Top of Data for this exercise

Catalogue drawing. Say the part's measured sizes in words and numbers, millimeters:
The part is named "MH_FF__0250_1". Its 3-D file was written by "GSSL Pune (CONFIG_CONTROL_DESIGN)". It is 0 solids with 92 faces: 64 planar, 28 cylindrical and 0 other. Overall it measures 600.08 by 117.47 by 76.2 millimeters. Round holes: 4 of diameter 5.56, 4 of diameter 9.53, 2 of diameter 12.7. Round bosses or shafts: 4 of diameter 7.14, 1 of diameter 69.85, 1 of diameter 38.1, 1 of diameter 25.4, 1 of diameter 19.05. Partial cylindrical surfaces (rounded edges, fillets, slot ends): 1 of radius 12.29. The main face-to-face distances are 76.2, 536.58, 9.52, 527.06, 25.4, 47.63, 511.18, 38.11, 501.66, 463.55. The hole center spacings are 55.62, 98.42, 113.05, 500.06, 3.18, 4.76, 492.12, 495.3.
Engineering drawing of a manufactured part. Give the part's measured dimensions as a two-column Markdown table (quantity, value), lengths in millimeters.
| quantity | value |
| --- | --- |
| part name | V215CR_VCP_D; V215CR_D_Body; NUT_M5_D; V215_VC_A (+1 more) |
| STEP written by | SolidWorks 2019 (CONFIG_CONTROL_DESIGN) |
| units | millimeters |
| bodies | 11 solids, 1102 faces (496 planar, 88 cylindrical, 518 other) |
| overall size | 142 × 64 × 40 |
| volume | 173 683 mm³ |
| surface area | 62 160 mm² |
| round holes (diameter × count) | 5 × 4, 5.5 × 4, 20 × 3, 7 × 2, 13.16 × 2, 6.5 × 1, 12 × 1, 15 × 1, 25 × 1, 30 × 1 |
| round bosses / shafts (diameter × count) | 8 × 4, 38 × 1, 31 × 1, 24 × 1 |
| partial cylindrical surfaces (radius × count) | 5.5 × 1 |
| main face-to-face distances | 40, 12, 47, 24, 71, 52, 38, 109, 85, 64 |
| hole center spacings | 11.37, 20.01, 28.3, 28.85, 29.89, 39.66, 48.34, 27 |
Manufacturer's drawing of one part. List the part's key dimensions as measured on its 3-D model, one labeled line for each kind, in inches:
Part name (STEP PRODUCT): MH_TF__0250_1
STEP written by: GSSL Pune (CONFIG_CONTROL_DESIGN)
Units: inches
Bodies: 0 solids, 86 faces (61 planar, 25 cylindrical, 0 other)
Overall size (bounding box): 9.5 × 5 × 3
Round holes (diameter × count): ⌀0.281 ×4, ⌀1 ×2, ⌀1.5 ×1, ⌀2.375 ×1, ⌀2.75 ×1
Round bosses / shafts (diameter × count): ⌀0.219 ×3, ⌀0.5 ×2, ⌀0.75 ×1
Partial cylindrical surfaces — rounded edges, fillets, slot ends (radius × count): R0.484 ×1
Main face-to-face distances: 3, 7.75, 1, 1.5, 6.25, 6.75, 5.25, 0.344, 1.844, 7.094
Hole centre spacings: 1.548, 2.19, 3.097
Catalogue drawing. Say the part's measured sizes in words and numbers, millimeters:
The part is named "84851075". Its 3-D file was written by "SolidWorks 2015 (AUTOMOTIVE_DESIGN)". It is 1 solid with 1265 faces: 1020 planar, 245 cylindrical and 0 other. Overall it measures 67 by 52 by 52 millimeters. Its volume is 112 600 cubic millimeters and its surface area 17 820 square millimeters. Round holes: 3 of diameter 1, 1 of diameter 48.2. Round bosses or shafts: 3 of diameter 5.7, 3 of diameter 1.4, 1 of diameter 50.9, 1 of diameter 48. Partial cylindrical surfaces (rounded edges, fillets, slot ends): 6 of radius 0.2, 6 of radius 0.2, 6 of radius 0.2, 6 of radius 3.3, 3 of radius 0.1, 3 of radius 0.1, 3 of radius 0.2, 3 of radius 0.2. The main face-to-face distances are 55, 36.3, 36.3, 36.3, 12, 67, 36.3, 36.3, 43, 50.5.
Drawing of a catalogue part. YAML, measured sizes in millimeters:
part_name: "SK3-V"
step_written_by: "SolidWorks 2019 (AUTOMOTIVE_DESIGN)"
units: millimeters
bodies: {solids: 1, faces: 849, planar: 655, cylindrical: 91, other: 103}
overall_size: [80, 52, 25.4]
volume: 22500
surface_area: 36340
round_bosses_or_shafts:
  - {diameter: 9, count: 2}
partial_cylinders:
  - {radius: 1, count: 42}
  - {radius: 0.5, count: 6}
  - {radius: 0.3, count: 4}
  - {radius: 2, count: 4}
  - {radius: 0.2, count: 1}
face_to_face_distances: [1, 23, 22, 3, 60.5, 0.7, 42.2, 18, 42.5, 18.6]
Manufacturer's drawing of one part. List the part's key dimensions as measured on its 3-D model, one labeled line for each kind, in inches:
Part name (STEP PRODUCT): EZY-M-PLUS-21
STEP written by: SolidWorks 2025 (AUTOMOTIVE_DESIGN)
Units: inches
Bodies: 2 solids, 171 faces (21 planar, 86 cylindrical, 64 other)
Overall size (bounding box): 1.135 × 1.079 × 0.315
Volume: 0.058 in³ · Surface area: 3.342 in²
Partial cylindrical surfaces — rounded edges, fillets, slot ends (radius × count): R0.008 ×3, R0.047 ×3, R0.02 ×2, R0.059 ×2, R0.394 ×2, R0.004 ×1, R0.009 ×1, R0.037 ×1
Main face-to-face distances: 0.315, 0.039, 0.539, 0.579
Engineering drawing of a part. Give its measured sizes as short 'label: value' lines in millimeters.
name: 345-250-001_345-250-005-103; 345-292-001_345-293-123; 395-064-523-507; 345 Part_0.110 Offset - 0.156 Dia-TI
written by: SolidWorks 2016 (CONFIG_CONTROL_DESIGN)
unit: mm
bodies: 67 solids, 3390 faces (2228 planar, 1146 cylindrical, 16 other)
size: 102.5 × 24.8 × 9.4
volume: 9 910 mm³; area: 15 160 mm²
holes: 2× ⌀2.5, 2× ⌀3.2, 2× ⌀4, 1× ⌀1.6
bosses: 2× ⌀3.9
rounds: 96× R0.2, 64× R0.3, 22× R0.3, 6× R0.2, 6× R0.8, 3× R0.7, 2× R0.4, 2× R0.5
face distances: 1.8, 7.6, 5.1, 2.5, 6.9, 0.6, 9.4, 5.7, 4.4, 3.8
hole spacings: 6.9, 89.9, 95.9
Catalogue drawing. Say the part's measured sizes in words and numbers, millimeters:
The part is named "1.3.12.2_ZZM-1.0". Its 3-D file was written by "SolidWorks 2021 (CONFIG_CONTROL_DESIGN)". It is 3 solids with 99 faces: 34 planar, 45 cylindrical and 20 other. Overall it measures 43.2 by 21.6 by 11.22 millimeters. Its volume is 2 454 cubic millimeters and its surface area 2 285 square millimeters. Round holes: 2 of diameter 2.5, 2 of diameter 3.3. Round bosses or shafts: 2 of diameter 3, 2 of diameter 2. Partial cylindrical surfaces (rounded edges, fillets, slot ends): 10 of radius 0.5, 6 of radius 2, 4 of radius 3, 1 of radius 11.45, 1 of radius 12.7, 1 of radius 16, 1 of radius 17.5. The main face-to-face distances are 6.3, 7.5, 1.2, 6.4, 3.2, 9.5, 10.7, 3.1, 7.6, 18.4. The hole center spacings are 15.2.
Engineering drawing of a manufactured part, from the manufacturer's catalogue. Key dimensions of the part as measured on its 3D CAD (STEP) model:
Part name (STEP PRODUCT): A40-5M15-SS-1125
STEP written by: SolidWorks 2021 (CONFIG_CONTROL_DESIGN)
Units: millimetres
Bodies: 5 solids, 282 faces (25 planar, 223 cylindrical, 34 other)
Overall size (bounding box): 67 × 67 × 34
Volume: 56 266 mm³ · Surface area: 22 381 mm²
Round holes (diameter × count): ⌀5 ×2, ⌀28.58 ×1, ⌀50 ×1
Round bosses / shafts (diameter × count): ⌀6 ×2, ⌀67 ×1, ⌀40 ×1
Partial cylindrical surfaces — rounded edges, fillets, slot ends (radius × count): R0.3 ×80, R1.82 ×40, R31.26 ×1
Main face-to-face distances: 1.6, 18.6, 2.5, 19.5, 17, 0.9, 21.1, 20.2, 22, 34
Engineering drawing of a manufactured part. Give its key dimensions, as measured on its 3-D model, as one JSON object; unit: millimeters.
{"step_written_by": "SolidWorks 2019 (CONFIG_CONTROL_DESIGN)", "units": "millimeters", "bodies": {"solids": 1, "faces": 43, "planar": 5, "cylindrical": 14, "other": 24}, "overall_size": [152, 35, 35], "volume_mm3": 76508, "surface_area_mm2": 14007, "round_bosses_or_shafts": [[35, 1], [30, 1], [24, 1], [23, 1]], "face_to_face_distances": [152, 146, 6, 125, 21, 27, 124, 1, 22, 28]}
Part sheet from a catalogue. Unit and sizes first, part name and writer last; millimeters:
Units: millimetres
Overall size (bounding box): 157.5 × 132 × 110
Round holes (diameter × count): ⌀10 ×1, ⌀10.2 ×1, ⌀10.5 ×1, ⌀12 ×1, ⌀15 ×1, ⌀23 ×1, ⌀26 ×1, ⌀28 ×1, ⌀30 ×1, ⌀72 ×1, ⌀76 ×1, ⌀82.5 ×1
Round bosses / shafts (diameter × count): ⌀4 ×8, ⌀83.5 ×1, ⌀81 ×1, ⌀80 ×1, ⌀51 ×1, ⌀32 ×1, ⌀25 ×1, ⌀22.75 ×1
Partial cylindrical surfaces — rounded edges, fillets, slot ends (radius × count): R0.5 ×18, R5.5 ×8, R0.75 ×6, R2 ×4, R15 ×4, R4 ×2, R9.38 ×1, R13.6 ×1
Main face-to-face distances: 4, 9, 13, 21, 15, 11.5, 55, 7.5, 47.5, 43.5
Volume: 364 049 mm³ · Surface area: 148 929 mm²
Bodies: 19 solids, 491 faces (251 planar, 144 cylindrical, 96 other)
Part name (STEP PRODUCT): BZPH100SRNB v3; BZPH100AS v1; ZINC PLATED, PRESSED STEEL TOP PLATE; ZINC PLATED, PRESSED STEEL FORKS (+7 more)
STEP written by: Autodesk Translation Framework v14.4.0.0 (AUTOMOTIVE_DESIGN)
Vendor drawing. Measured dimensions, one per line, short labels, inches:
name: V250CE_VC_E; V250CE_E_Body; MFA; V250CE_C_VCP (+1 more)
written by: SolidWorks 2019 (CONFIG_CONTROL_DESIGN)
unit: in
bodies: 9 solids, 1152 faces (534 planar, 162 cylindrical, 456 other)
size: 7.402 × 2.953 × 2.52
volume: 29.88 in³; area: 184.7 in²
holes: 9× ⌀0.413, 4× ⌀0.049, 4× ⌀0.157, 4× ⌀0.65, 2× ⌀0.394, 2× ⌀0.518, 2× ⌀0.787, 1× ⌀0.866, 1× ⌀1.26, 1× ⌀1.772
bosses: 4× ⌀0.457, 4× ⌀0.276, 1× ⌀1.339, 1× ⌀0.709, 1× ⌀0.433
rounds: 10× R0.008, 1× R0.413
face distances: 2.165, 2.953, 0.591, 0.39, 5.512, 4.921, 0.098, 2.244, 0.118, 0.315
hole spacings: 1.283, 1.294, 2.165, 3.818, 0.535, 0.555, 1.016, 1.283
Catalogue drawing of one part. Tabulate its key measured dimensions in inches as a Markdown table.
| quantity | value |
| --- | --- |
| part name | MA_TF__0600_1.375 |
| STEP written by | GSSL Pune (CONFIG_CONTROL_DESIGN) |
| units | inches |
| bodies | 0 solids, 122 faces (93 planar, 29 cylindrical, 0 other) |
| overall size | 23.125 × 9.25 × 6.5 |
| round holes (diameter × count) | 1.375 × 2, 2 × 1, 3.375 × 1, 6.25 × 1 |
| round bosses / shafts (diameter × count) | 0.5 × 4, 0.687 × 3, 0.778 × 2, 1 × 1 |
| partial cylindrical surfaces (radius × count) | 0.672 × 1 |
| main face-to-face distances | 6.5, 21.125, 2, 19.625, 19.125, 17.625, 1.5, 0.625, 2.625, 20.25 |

Bottom of Data for this exercise

What to do:
Report the number of lines in the material above that include the string "rounds". Nothing else belongs in the answer.

Task output:
2